**TO DO:**
Your task is to copy every line of the entries that holds the word "name".

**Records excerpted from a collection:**
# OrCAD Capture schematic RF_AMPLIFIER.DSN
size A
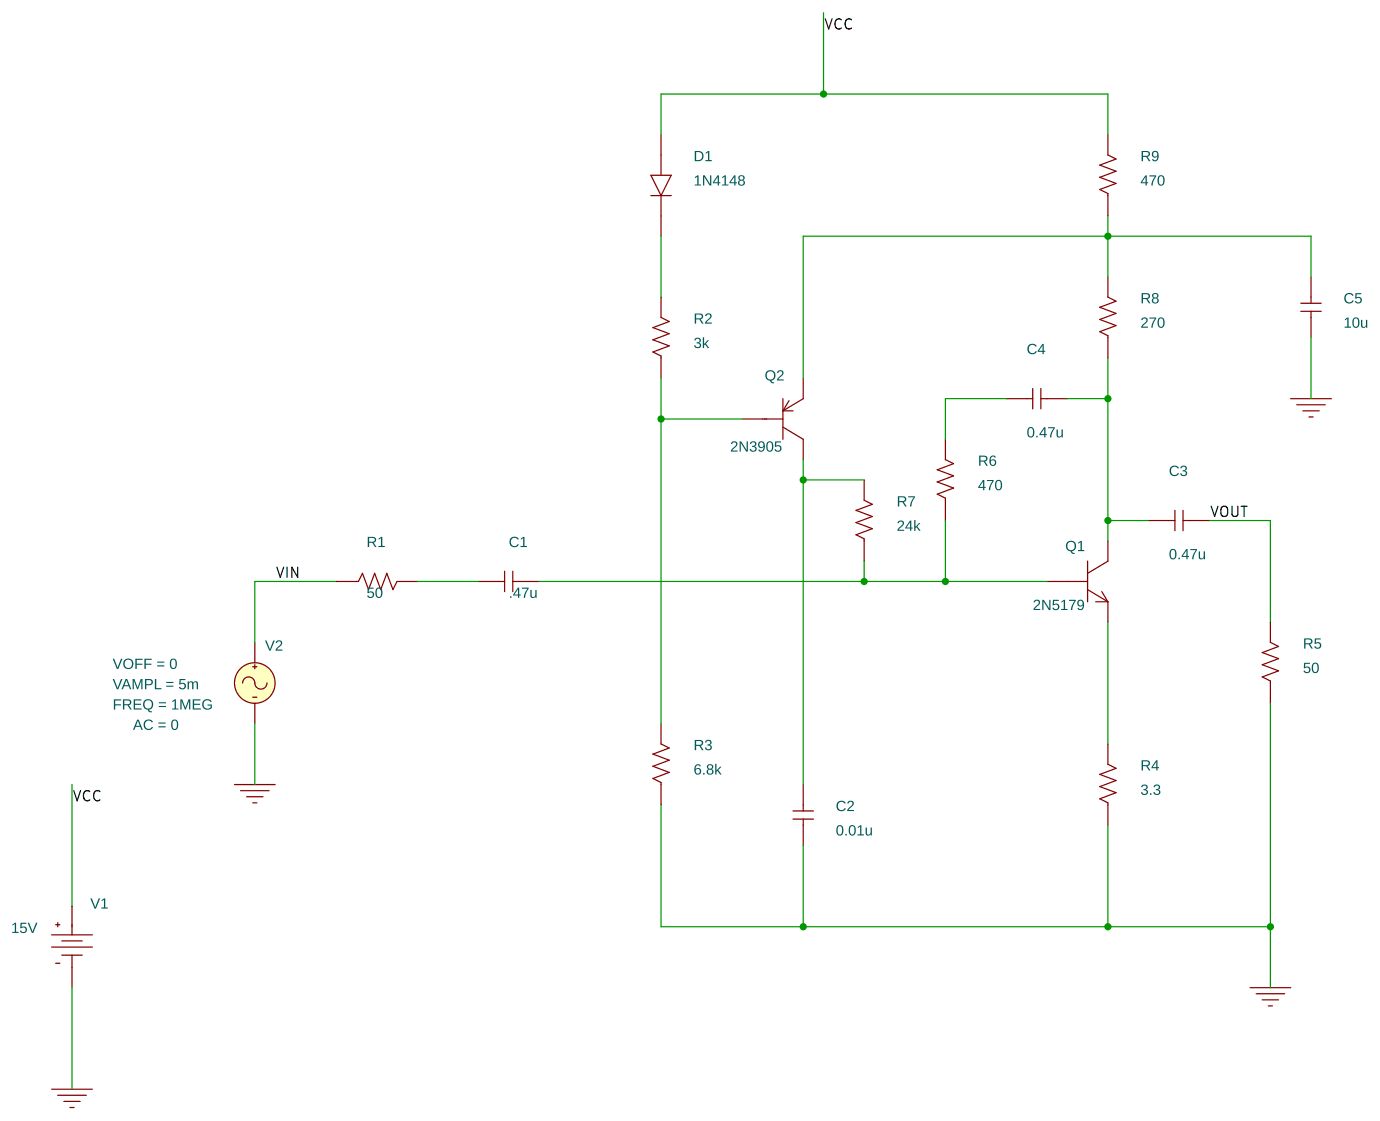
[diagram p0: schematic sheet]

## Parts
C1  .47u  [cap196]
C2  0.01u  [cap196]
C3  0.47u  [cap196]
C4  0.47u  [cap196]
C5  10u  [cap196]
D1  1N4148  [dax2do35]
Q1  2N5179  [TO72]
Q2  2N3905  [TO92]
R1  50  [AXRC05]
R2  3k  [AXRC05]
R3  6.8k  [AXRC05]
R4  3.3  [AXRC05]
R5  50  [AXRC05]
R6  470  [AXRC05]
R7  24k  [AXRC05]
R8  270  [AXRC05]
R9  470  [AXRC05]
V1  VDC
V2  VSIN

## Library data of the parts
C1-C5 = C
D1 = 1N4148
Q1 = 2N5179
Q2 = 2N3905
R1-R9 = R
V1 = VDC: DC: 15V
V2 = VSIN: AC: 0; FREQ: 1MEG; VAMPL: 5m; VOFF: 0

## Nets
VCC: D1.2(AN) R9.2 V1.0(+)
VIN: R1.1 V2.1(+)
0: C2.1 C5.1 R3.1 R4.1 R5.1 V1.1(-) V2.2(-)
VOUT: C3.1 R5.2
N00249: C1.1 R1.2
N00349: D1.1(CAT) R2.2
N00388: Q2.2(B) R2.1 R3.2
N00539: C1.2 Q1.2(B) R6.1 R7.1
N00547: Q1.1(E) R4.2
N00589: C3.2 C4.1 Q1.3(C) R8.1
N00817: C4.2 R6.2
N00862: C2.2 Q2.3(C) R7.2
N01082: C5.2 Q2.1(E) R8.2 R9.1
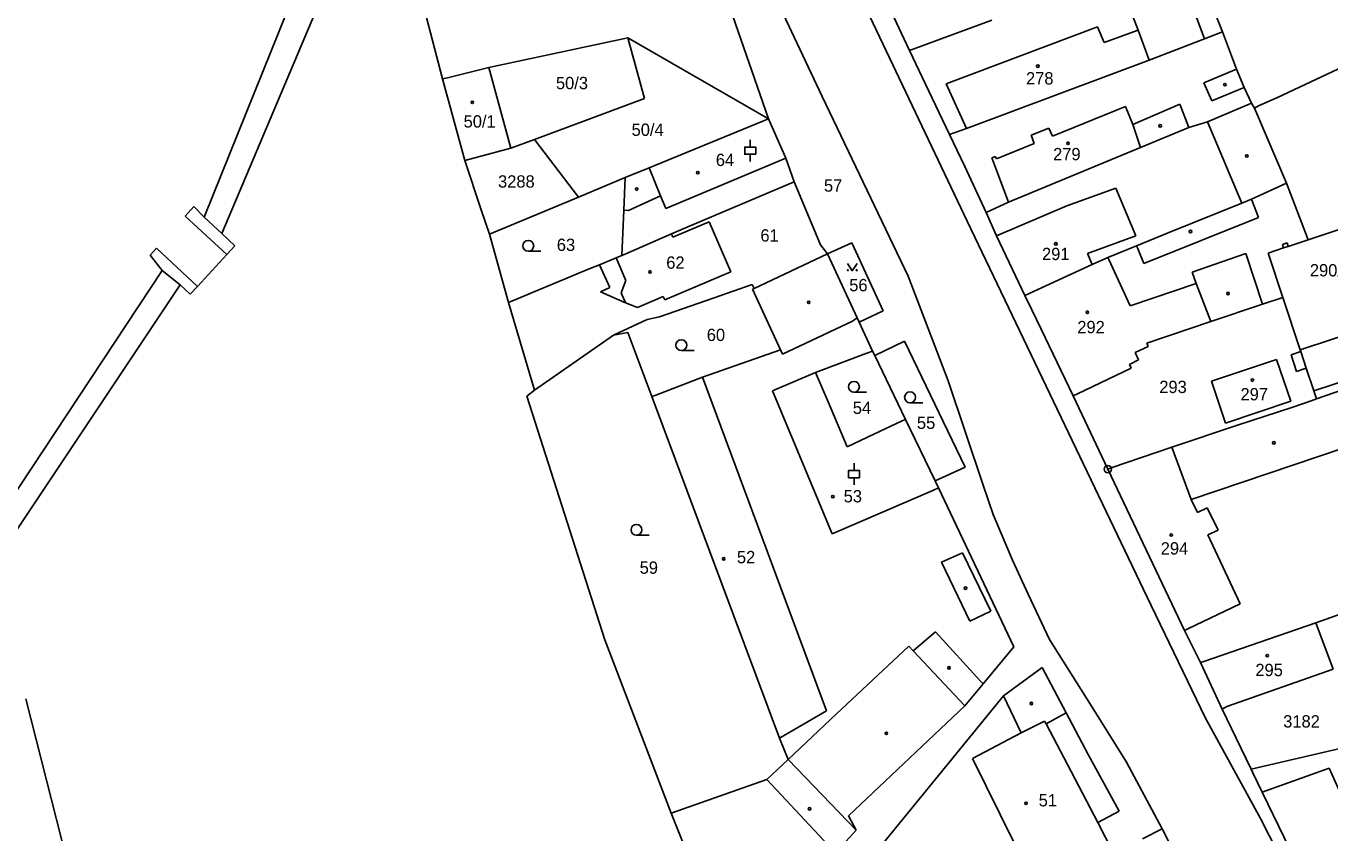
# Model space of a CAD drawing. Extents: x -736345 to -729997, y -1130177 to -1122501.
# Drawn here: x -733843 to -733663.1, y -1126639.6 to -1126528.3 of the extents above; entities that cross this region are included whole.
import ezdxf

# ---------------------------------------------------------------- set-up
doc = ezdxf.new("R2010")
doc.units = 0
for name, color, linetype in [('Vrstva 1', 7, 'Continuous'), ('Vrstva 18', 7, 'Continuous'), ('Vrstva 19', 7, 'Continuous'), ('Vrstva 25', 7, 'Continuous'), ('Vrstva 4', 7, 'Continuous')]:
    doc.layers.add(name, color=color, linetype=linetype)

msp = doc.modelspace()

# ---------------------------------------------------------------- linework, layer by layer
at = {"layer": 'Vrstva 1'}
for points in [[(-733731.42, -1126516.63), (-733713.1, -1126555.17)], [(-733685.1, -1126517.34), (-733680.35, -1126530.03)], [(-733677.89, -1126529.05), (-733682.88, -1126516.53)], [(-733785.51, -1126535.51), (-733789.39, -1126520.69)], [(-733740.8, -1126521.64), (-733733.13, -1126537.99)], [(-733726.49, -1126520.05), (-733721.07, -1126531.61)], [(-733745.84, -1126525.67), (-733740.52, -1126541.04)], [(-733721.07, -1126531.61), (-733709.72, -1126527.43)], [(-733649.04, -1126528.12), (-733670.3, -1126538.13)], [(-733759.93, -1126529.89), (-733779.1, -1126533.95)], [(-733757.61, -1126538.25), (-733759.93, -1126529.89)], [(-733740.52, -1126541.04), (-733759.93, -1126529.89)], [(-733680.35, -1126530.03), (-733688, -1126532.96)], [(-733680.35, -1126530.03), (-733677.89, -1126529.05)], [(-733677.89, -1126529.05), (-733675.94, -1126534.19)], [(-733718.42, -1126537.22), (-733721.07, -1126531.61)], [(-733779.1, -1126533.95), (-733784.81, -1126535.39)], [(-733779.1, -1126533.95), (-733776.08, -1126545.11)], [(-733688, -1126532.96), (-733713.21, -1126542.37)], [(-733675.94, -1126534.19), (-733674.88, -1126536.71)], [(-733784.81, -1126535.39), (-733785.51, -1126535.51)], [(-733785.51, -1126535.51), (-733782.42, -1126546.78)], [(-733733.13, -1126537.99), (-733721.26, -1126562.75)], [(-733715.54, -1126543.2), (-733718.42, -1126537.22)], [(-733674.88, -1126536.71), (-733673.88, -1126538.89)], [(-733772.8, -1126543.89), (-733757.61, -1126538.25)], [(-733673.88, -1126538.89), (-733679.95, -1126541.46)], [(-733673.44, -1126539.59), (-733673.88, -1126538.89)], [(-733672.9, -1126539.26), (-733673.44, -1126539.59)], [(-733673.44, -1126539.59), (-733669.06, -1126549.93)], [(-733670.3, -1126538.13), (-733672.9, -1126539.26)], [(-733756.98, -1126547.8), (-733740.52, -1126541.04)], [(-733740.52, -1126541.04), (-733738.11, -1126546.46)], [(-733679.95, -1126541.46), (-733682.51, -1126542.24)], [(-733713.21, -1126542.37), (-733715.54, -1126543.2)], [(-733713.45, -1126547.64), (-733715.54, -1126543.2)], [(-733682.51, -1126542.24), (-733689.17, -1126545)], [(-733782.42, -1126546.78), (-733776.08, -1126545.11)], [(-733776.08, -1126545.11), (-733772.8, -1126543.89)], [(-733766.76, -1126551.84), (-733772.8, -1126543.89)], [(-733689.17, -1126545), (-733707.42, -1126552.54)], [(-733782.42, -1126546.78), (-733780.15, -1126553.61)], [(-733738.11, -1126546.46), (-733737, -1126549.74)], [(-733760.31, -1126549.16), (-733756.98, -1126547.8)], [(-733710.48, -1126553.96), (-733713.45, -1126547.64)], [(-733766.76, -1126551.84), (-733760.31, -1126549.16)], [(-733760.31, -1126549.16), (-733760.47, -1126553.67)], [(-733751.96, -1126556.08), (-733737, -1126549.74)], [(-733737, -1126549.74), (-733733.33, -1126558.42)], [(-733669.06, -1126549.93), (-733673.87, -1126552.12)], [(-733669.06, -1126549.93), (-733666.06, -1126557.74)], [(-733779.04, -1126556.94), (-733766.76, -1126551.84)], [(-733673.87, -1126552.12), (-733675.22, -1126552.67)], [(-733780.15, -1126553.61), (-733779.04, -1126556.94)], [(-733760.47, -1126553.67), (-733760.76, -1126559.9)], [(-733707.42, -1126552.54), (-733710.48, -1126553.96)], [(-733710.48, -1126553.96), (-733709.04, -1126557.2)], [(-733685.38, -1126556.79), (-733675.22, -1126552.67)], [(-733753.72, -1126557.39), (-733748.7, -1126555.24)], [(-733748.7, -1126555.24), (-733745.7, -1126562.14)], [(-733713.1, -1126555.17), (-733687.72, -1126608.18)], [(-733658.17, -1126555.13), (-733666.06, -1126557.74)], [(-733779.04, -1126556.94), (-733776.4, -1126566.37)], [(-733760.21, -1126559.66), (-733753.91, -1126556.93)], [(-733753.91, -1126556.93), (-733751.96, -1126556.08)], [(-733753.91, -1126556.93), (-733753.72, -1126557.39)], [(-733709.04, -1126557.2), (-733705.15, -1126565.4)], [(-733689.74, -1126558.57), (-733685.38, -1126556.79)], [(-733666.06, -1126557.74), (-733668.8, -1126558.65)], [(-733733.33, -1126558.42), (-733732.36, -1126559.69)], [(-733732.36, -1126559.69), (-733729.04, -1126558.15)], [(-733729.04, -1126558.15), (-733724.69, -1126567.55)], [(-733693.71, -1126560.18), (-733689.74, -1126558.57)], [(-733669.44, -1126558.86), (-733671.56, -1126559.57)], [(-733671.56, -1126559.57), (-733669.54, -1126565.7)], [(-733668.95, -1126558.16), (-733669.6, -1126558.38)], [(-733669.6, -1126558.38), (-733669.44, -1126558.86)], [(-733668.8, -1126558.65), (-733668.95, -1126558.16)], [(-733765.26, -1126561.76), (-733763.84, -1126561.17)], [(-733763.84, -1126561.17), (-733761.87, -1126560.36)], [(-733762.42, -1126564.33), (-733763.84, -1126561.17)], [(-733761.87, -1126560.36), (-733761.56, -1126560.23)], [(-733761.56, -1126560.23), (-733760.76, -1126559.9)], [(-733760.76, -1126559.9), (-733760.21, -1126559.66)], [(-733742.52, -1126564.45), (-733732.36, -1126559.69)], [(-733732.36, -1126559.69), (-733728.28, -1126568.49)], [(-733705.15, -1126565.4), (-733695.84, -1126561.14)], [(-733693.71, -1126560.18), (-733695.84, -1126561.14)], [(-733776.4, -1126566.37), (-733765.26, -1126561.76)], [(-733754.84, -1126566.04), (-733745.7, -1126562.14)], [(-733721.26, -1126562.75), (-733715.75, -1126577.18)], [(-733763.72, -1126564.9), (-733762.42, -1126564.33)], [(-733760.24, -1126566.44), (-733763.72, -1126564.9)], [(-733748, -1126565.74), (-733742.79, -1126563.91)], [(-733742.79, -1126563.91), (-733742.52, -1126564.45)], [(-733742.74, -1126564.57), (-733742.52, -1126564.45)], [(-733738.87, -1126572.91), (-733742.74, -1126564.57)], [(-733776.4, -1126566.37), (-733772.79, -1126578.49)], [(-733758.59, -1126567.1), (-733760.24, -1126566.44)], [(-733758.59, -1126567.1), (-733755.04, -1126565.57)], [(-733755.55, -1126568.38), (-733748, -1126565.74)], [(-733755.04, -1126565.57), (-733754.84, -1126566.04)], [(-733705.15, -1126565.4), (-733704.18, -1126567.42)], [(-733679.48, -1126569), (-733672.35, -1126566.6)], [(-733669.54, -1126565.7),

**RESULT OF THE EXERCISE:**
for name, color, linetype in [('Vrstva 1', 7, 'Continuous'), ('Vrstva 18', 7, 'Continuous'), ('Vrstva 19', 7, 'Continuous'), ('Vrstva 25', 7, 'Continuous'), ('Vrstva 4', 7, 'Continuous')]:
    doc.layers.add(name, color=color, linetype=linetype)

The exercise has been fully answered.